### Your assignment
Lines where the string "parts" appears are to be copied from the entries below.

==== Excerpted data ====

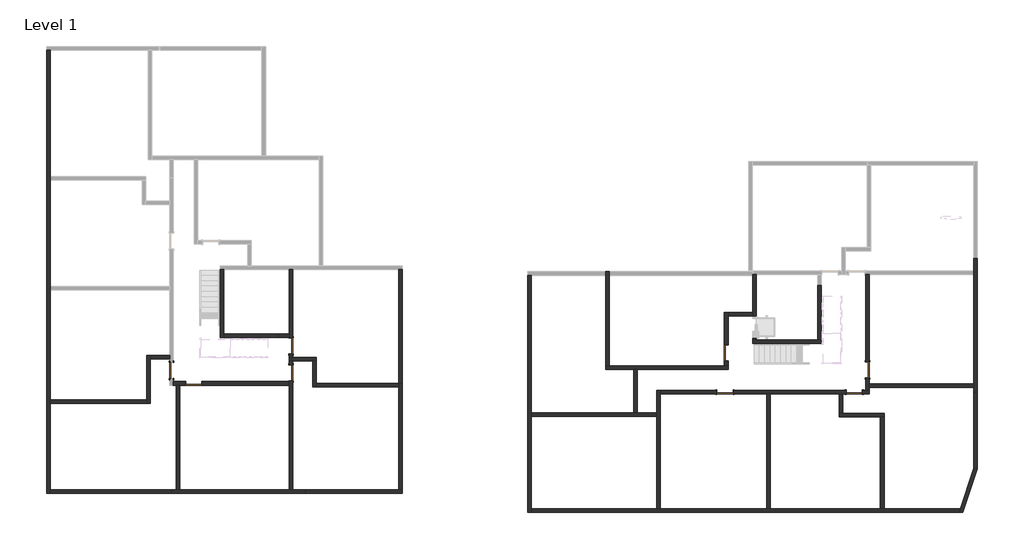
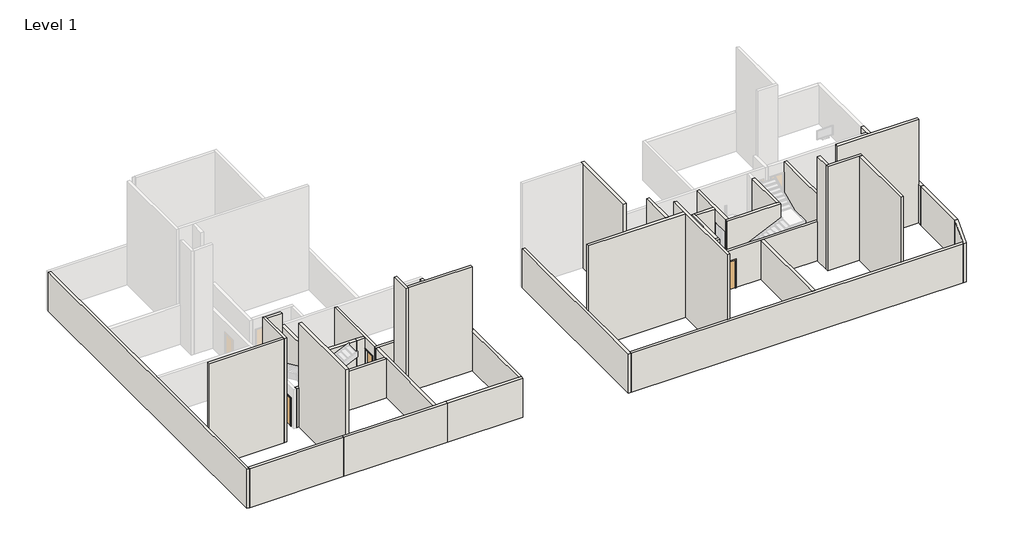
# One storey, part 1 of 2: 41 walls, 8 doors.
"""IFC4 building model written with IfcOpenShell, lengths in millimetres."""

import ifcopenshell
import ifcopenshell.guid

model = None  # the IFC model being written
_history = None  # IfcOwnerHistory: only IFC2X3 demands one
_inside = {}  # id of a spatial element -> (the spatial element, [elements in it])
_under = {}  # id of a project, library or spatial element -> (it, [spatial elements below it])
_declared = {}  # id of a project -> (the project, [libraries it declares])
_typed = {}  # id of a type object -> (the type object, [elements of that type])
_made_of = {}  # id of a material, layer set ... -> (it, [elements and type objects made of it])


def new_model(schema):
    """Start an empty IFC model of exactly this schema.

    Asked for "IFC4X3", IfcOpenShell would pick the latest addendum, in which some entities
    have other attributes; the version numbers below select the first issue.
    IFC2X3 requires an IfcOwnerHistory on every rooted entity: one is made here for all.
    """
    global model, _history
    if schema == "IFC4X3":
        model = ifcopenshell.file(schema_version=(4, 3, 0, 0))
    else:
        model = ifcopenshell.file(schema=schema)
    _inside.clear()
    _under.clear()
    _declared.clear()
    _typed.clear()
    _made_of.clear()
    _history = None
    if model.schema == "IFC2X3":
        org = make("IfcOrganization", Name="unknown")
        user = make(
            "IfcPersonAndOrganization",
            ThePerson=make("IfcPerson", FamilyName="unknown"),
            TheOrganization=org,
        )
        app = make(
            "IfcApplication",
            ApplicationDeveloper=org,
            Version="unknown",
            ApplicationFullName="unknown",
            ApplicationIdentifier="unknown",
        )
        _history = make(
            "IfcOwnerHistory",
            OwningUser=user,
            OwningApplication=app,
            ChangeAction="ADDED",
            CreationDate=0,
        )
    return model


def make(cls, **values):
    """One entity of the class cls with the attributes given. An attribute that is None is left unset."""
    return model.create_entity(
        cls, **{name: value for name, value in values.items() if value is not None}
    )


def rooted(cls, **values):
    """An entity with a GlobalId (a new one), such as an element, a storey or a relation."""
    return make(cls, GlobalId=ifcopenshell.guid.new(), OwnerHistory=_history, **values)


def si_unit(unit_type, name, prefix=None):
    """IfcSIUnit, for example si_unit("LENGTHUNIT", "METRE", prefix="MILLI")."""
    return make("IfcSIUnit", UnitType=unit_type, Prefix=prefix, Name=name)


def assignment(units):
    """IfcUnitAssignment: the units of a project."""
    return None if units is None else make("IfcUnitAssignment", Units=units)


def point(xyz):
    """IfcCartesianPoint."""
    return None if xyz is None else make("IfcCartesianPoint", Coordinates=xyz)


def direction(xyz):
    """IfcDirection."""
    return None if xyz is None else make("IfcDirection", DirectionRatios=xyz)


def frame(location, z_axis=None, x_axis=None):
    """IfcAxis2Placement3D, a coordinate frame: its origin and axes. An axis left out is left unset."""
    return make(
        "IfcAxis2Placement3D",
        Location=point(location),
        Axis=direction(z_axis),
        RefDirection=direction(x_axis),
    )


def origin():
    """The frame at (0, 0, 0) with its axes left unset."""
    return frame((0.0, 0.0, 0.0))


def origin_with_axes():
    """The frame at (0, 0, 0) with the z axis (0, 0, 1) and the x axis (1, 0, 0) written out."""
    return frame((0.0, 0.0, 0.0), z_axis=(0.0, 0.0, 1.0), x_axis=(1.0, 0.0, 0.0))


def place(relative_to, where):
    """IfcLocalPlacement: puts the frame where relative to a parent placement (None: the world)."""
    return make(
        "IfcLocalPlacement", PlacementRelTo=relative_to, RelativePlacement=where
    )


def context(
    kind, dimensions, precision=None, world=None, true_north=None, identifier=None
):
    """IfcGeometricRepresentationContext, for example the 3D "Model" context."""
    return make(
        "IfcGeometricRepresentationContext",
        ContextIdentifier=identifier,
        ContextType=kind,
        CoordinateSpaceDimension=dimensions,
        Precision=precision,
        WorldCoordinateSystem=world,
        TrueNorth=true_north,
    )


def project(units=None, contexts=None):
    """IfcProject with its units and contexts."""
    return rooted(
        "IfcProject",
        Name="project",
        RepresentationContexts=contexts,
        UnitsInContext=assignment(units),
    )


def spatial(cls, under=None, at=None, **own):
    """A site, building, storey or space (cls), placed at a placement, below another one or the project."""
    s = rooted(cls, ObjectPlacement=at, **own)
    if under is not None:
        _under.setdefault(under.id(), (under, []))[1].append(s)
    return s


def polyline(points):
    """IfcPolyline through the points."""
    return make("IfcPolyline", Points=[point(p) for p in points])


def outline(outer, holes=None, kind="AREA"):
    """IfcArbitraryClosedProfileDef: a profile drawn as a closed curve; with holes, ...WithVoids."""
    if holes is None:
        return make("IfcArbitraryClosedProfileDef", ProfileType=kind, OuterCurve=outer)
    return make(
        "IfcArbitraryProfileDefWithVoids",
        ProfileType=kind,
        OuterCurve=outer,
        InnerCurves=holes,
    )


def extrude(swept, where, along, depth):
    """IfcExtrudedAreaSolid: the profile swept, set in the frame where, extruded along a direction by depth."""
    return make(
        "IfcExtrudedAreaSolid",
        SweptArea=swept,
        Position=where,
        ExtrudedDirection=direction(along),
        Depth=depth,
    )


def faces_of(points, faces, orient=None, outer=None):
    """IfcFace entities. A face is a list of loops; a loop is a list of indices into points, from 0.

    orient and outer hold one flag for each loop. By default every Orientation is true, the
    first loop of a face is its IfcFaceOuterBound and the others are IfcFaceBound.
    """
    made = []
    for i, loops in enumerate(faces):
        bounds = []
        for j, loop in enumerate(loops):
            is_outer = j == 0 if outer is None else outer[i][j]
            bounds.append(
                make(
                    "IfcFaceOuterBound" if is_outer else "IfcFaceBound",
                    Bound=make("IfcPolyLoop", Polygon=[points[k] for k in loop]),
                    Orientation=True if orient is None else orient[i][j],
                )
            )
        made.append(make("IfcFace", Bounds=bounds))
    return made


def faceted_brep(points, faces, orient=None, outer=None, voids=None):
    """IfcFacetedBrep: a solid bounded by flat faces; with voids (closed shells), ...WithVoids."""
    shared = [point(p) for p in points]
    hull = make("IfcClosedShell", CfsFaces=faces_of(shared, faces, orient, outer))
    if voids is None:
        return make("IfcFacetedBrep", Outer=hull)
    return make(
        "IfcFacetedBrepWithVoids",
        Outer=hull,
        Voids=[
            make(cls, CfsFaces=faces_of(shared, fs, o, b)) for cls, fs, o, b in voids
        ],
    )


def shape(context_of_items, identifier, shape_type, items):
    """IfcShapeRepresentation: the items that make up one representation, for example the "Body"."""
    return make(
        "IfcShapeRepresentation",
        ContextOfItems=context_of_items,
        RepresentationIdentifier=identifier,
        RepresentationType=shape_type,
        Items=items,
    )


def source(mapping_origin, context_of_items, identifier, shape_type, items):
    """IfcRepresentationMap: a shape defined once, which mapped items show again and again."""
    return make(
        "IfcRepresentationMap",
        MappingOrigin=mapping_origin,
        MappedRepresentation=shape(context_of_items, identifier, shape_type, items),
    )


def transform(
    local_origin,
    x_axis=None,
    y_axis=None,
    z_axis=None,
    scale=None,
    scale2=None,
    scale3=None,
    uniform=True,
):
    """IfcCartesianTransformationOperator3D, or its non-uniform kind. x_axis, y_axis, z_axis: its Axis1, 2, 3."""
    if uniform:
        return make(
            "IfcCartesianTransformationOperator3D",
            Axis1=direction(x_axis),
            Axis2=direction(y_axis),
            LocalOrigin=point(local_origin),
            Scale=scale,
            Axis3=direction(z_axis),
        )
    return make(
        "IfcCartesianTransformationOperator3DnonUniform",
        Axis1=direction(x_axis),
        Axis2=direction(y_axis),
        LocalOrigin=point(local_origin),
        Scale=scale,
        Axis3=direction(z_axis),
        Scale2=scale2,
        Scale3=scale3,
    )


def mapped(mapping_source, mapping_target):
    """IfcMappedItem: shows the shape of a source again, moved by a transform."""
    return make(
        "IfcMappedItem", MappingSource=mapping_source, MappingTarget=mapping_target
    )


def made_of(thing, what):
    """Note that an element or type object is made of a material, layer set ...; save() writes the relation."""
    if what is not None:
        _made_of.setdefault(what.id(), (what, []))[1].append(thing)
    return thing


def element(
    cls,
    number,
    at=None,
    inside=None,
    cuts=None,
    type_object=None,
    material=None,
    context=None,
    identifier="Body",
    shape_type=None,
    held_by="IfcProductDefinitionShape",
    body=None,
    shapes=None,
    **own,
):
    """One element of the class cls, such as IfcWall. Its Tag is "e" and its number.

    at: its placement. inside: the storey or other place that contains it. cuts: it is an
    opening in that element (IfcRelVoidsElement). A single representation is given by context,
    identifier, shape_type and body (its items); several are given by shapes. held_by: the class
    of the entity that holds the representations. save() writes the other relations.
    """
    e = rooted(cls, Tag="e%d" % number, ObjectPlacement=at, **own)
    if body is not None:
        shapes = [shape(context, identifier, shape_type, body)]
    if shapes is not None:
        e.Representation = make(held_by, Representations=shapes)
    if inside is not None:
        _inside.setdefault(inside.id(), (inside, []))[1].append(e)
    if cuts is not None:
        rooted(
            "IfcRelVoidsElement", RelatingBuildingElement=cuts, RelatedOpeningElement=e
        )
    if type_object is not None:
        _typed.setdefault(type_object.id(), (type_object, []))[1].append(e)
    return made_of(e, material)


def aggregate(whole, parts):
    """IfcRelAggregates: a whole, such as a stair, and the parts it consists of."""
    return rooted("IfcRelAggregates", RelatingObject=whole, RelatedObjects=parts)


def save(model, path):
    """Write the relations noted so far, then the file.

    IfcRelAggregates (storeys below a building ...), IfcRelContainedInSpatialStructure (elements
    in a storey), IfcRelDefinesByType, IfcRelAssociatesMaterial and IfcRelDeclares: one each for
    every whole, place, type object, material and project.
    """
    for whole, parts in _under.values():
        aggregate(whole, parts)
    for where, things in _inside.values():
        rooted(
            "IfcRelContainedInSpatialStructure",
            RelatedElements=things,
            RelatingStructure=where,
        )
    for kind, things in _typed.values():
        rooted("IfcRelDefinesByType", RelatedObjects=things, RelatingType=kind)
    for what, things in _made_of.values():
        rooted("IfcRelAssociatesMaterial", RelatedObjects=things, RelatingMaterial=what)
    for by, libraries in _declared.values():
        rooted("IfcRelDeclares", RelatingContext=by, RelatedDefinitions=libraries)
    model.write(path)


def m_single_flush_0915_x_2134mm_727434cd(model_context):
    return source(origin(), model_context, "Body", "SweptSolid", [
        extrude(outline(polyline([(2210.0, -533.5), (0.0, -533.5), (0.0, -457.5), (2134.0, -457.5), (2134.0, 457.5), (0.0, 457.5), (0.0, 533.5), (2210.0, 533.5), (2210.0, -533.5)])), frame((0.0, -125.0, 0.0), z_axis=(0.0, 1.0, 0.0), x_axis=(0.0, 0.0, 1.0)), (0.0, 0.0, 1.0), 25.0),
        extrude(outline(polyline([(2210.0, 533.5), (2210.0, -533.5), (0.0, -533.5), (0.0, -457.5), (2134.0, -457.5), (2134.0, 457.5), (0.0, 457.5), (0.0, 533.5), (2210.0, 533.5)])), frame((0.0, 100.0, 0.0), z_axis=(0.0, 1.0, 0.0), x_axis=(0.0, 0.0, 1.0)), (0.0, 0.0, 1.0), 25.0),
        extrude(outline(polyline([(457.5, -49.0), (457.5, -100.0), (-457.5, -100.0), (-457.5, -49.0), (457.5, -49.0)])), origin_with_axes(), (0.0, 0.0, 1.0), 2134.0),
    ])


def m_single_flush_0915_x_2134mm_6a9e8738(model_context):
    return source(origin(), model_context, "Body", "SweptSolid", [
        extrude(outline(polyline([(2210.0, -533.5), (0.0, -533.5), (0.0, -457.5), (2134.0, -457.5), (2134.0, 457.5), (0.0, 457.5), (0.0, 533.5), (2210.0, 533.5), (2210.0, -533.5)])), frame((0.0, 100.0, 0.0), z_axis=(0.0, 1.0, 0.0), x_axis=(0.0, 0.0, 1.0)), (0.0, 0.0, 1.0), 25.0),
        extrude(outline(polyline([(2210.0, 533.5), (2210.0, -533.5), (0.0, -533.5), (0.0, -457.5), (2134.0, -457.5), (2134.0, 457.5), (0.0, 457.5), (0.0, 533.5), (2210.0, 533.5)])), frame((0.0, -125.0, 0.0), z_axis=(0.0, 1.0, 0.0), x_axis=(0.0, 0.0, 1.0)), (0.0, 0.0, 1.0), 25.0),
        extrude(outline(polyline([(457.5, 49.0), (-457.5, 49.0), (-457.5, 100.0), (457.5, 100.0), (457.5, 49.0)])), origin_with_axes(), (0.0, 0.0, 1.0), 2134.0),
    ])


model = new_model("IFC4")

# Units and contexts
model_context = context("Model", 3, world=origin())
ifc_project = project(units=[si_unit("LENGTHUNIT", "METRE", prefix="MILLI")], contexts=[model_context])

# Site, building, storey
site = spatial("IfcSite", under=ifc_project)
building = spatial("IfcBuilding", under=site)
storey = spatial("IfcBuildingStorey", under=building, Name="Level 1", Elevation=0.0)

# Doors
placement = place(None, origin())
m_single_flush_0915_x_2134mm_shape = m_single_flush_0915_x_2134mm_727434cd(model_context)
element("IfcDoor", 1, ObjectType="M_Single-Flush : 0915 x 2134mm", at=placement, inside=storey, context=model_context, shape_type="MappedRepresentation", body=[
    mapped(m_single_flush_0915_x_2134mm_shape, transform((16070.6041014, -3023.024372, 0.0), x_axis=(0.0, -1.0, 0.0), y_axis=(1.0, 0.0, 0.0), z_axis=(0.0, 0.0, 1.0))),
])
element("IfcDoor", 2, ObjectType="M_Single-Flush : 0915 x 2134mm", at=placement, inside=storey, context=model_context, shape_type="MappedRepresentation", body=[
    mapped(m_single_flush_0915_x_2134mm_shape, transform((16002.336337, -5240.0098119, 0.0), x_axis=(1.0, 0.0, 0.0), y_axis=(0.0, 1.0, 0.0), z_axis=(0.0, 0.0, 1.0))),
])
element("IfcDoor", 3, ObjectType="M_Single-Flush : 0915 x 2134mm", at=placement, inside=storey, context=model_context, shape_type="MappedRepresentation", body=[
    mapped(m_single_flush_0915_x_2134mm_shape, transform((-8530.3449834, -4137.6378151, 0.0), x_axis=(0.0, 1.0, 0.0), y_axis=(-1.0, 0.0, 0.0), z_axis=(0.0, 0.0, 1.0))),
])
m_single_flush_0915_x_2134mm_2_shape = m_single_flush_0915_x_2134mm_6a9e8738(model_context)
element("IfcDoor", 4, ObjectType="M_Single-Flush : 0915 x 2134mm", at=placement, inside=storey, context=model_context, shape_type="MappedRepresentation", body=[
    mapped(m_single_flush_0915_x_2134mm_2_shape, transform((24048.8612349, -3982.5098119, 0.0), x_axis=(0.0, -1.0, 0.0), y_axis=(1.0, 0.0, 0.0), z_axis=(0.0, 0.0, 1.0))),
])
element("IfcDoor", 5, ObjectType="M_Single-Flush : 0915 x 2134mm", at=placement, inside=storey, context=model_context, shape_type="MappedRepresentation", body=[
    mapped(m_single_flush_0915_x_2134mm_2_shape, transform((23308.8612349, -5240.0098119, 0.0), x_axis=(-1.0, 0.0, 0.0), y_axis=(0.0, -1.0, 0.0), z_axis=(0.0, 0.0, 1.0))),
])
element("IfcDoor", 6, ObjectType="M_Single-Flush : 0915 x 2134mm", at=placement, inside=storey, context=model_context, shape_type="MappedRepresentation", body=[
    mapped(m_single_flush_0915_x_2134mm_2_shape, transform((-14032.3304233, -4739.1627129, 0.0), x_axis=(-1.0, 0.0, 0.0), y_axis=(0.0, -1.0, 0.0), z_axis=(0.0, 0.0, 1.0))),
])
element("IfcDoor", 7, ObjectType="M_Single-Flush : 0915 x 2134mm", at=placement, inside=storey, context=model_context, shape_type="MappedRepresentation", body=[
    mapped(m_single_flush_0915_x_2134mm_2_shape, transform((-8530.3449834, -2622.6378151, 0.0), x_axis=(0.0, -1.0, 0.0), y_axis=(1.0, 0.0, 0.0), z_axis=(0.0, 0.0, 1.0))),
])
element("IfcDoor", 8, ObjectType="M_Single-Flush : 0915 x 2134mm", at=placement, inside=storey, context=model_context, shape_type="MappedRepresentation", body=[
    mapped(m_single_flush_0915_x_2134mm_2_shape, transform((-15289.8304233, -3999.1627129, 0.0), x_axis=(0.0, 1.0, 0.0), y_axis=(-1.0, 0.0, 0.0), z_axis=(0.0, 0.0, 1.0))),
])

# Walls
element("IfcWall", 9, ObjectType="Generic - 200mm", at=placement, inside=storey, context=model_context, shape_type="Brep", body=[
    faceted_brep([(30068.8612349, 2319.475628, 0.0), (30068.8612349, 1619.475628, 0.0), (30068.8612349, 1419.475628, 0.0), (30068.8612349, -4760.0098119, 0.0), (30068.8612349, -4960.0098119, 0.0), (30068.8612349, -5240.0098119, 0.0), (30068.8612349, -5240.0098119, 3000.0), (30068.8612349, 1419.475628, 3000.0), (30068.8612349, 1619.475628, 3000.0), (30068.8612349, 2319.475628, 3000.0), (30268.8612349, 2319.475628, 0.0), (30268.8612349, 2319.475628, 3000.0), (30268.8612349, -5240.0098119, 3000.0), (30268.8612349, -5240.0098119, 0.0), (30268.3425199, 2319.475628, 0.0), (30069.3799498, -5240.0098119, 0.0), (30069.3799498, -5240.0098119, 3000.0), (30268.3425199, 2319.475628, 3000.0)], [[[0, 1, 2, 3, 4, 5, 6, 7, 8, 9]], [[10, 11, 12, 13]], [[5, 4, 3, 2, 1, 0, 14, 10, 13, 15]], [[6, 5, 15, 13, 12, 16]], [[9, 8, 7, 6, 16, 12, 11, 17]], [[0, 9, 17, 11, 10, 14]]]),
])
element("IfcWall", 10, ObjectType="Generic - 200mm", at=placement, inside=storey, context=model_context, shape_type="Brep", body=[
    faceted_brep([(30069.3799498, -5240.0098119, 0.0), (30069.3799498, -9543.0251929, 0.0), (30069.3799498, -9543.0251929, 3000.0), (30069.3799498, -5240.0098119, 3000.0), (30269.3799498, -5240.0098119, 0.0), (30269.3799498, -5240.0098119, 3000.0), (30269.3799498, -9575.863443, 3000.0), (30269.3799498, -9575.863443, 0.0), (30268.8612349, -5240.0098119, 0.0), (30268.8612349, -5240.0098119, 3000.0)], [[[0, 1, 2, 3]], [[4, 5, 6, 7]], [[1, 0, 8, 4, 7]], [[3, 2, 6, 5, 9]], [[0, 3, 9, 5, 4, 8]], [[2, 1, 7, 6]]]),
])
element("IfcWall", 11, ObjectType="Generic - 200mm", at=placement, inside=storey, context=model_context, shape_type="Brep", body=[
    faceted_brep([(21449.836337, -2276.2808257, 0.0), (21249.836337, -2276.2808257, 0.0), (17770.6041014, -2276.2808257, 0.0), (17570.6041014, -2276.2808257, 0.0), (17570.6041014, -2276.2808257, 3000.0), (17770.6041014, -2276.2808257, 3000.0), (21249.836337, -2276.2808257, 3000.0), (21449.836337, -2276.2808257, 3000.0), (21449.836337, -2476.2808257, 0.0), (21449.836337, -2476.2808257, 3000.0), (17570.6041014, -2476.2808257, 3000.0), (17570.6041014, -2476.2808257, 0.0)], [[[0, 1, 2, 3, 4, 5, 6, 7]], [[8, 9, 10, 11]], [[3, 2, 1, 0, 8, 11]], [[7, 6, 5, 4, 10, 9]], [[0, 7, 9, 8]], [[4, 3, 11, 10]]]),
])
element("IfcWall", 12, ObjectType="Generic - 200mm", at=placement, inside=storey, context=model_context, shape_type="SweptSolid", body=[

====

### Task response
def aggregate(whole, parts):
    """IfcRelAggregates: a whole, such as a stair, and the parts it consists of."""
    return rooted("IfcRelAggregates", RelatingObject=whole, RelatedObjects=parts)
    for whole, parts in _under.values():
        aggregate(whole, parts)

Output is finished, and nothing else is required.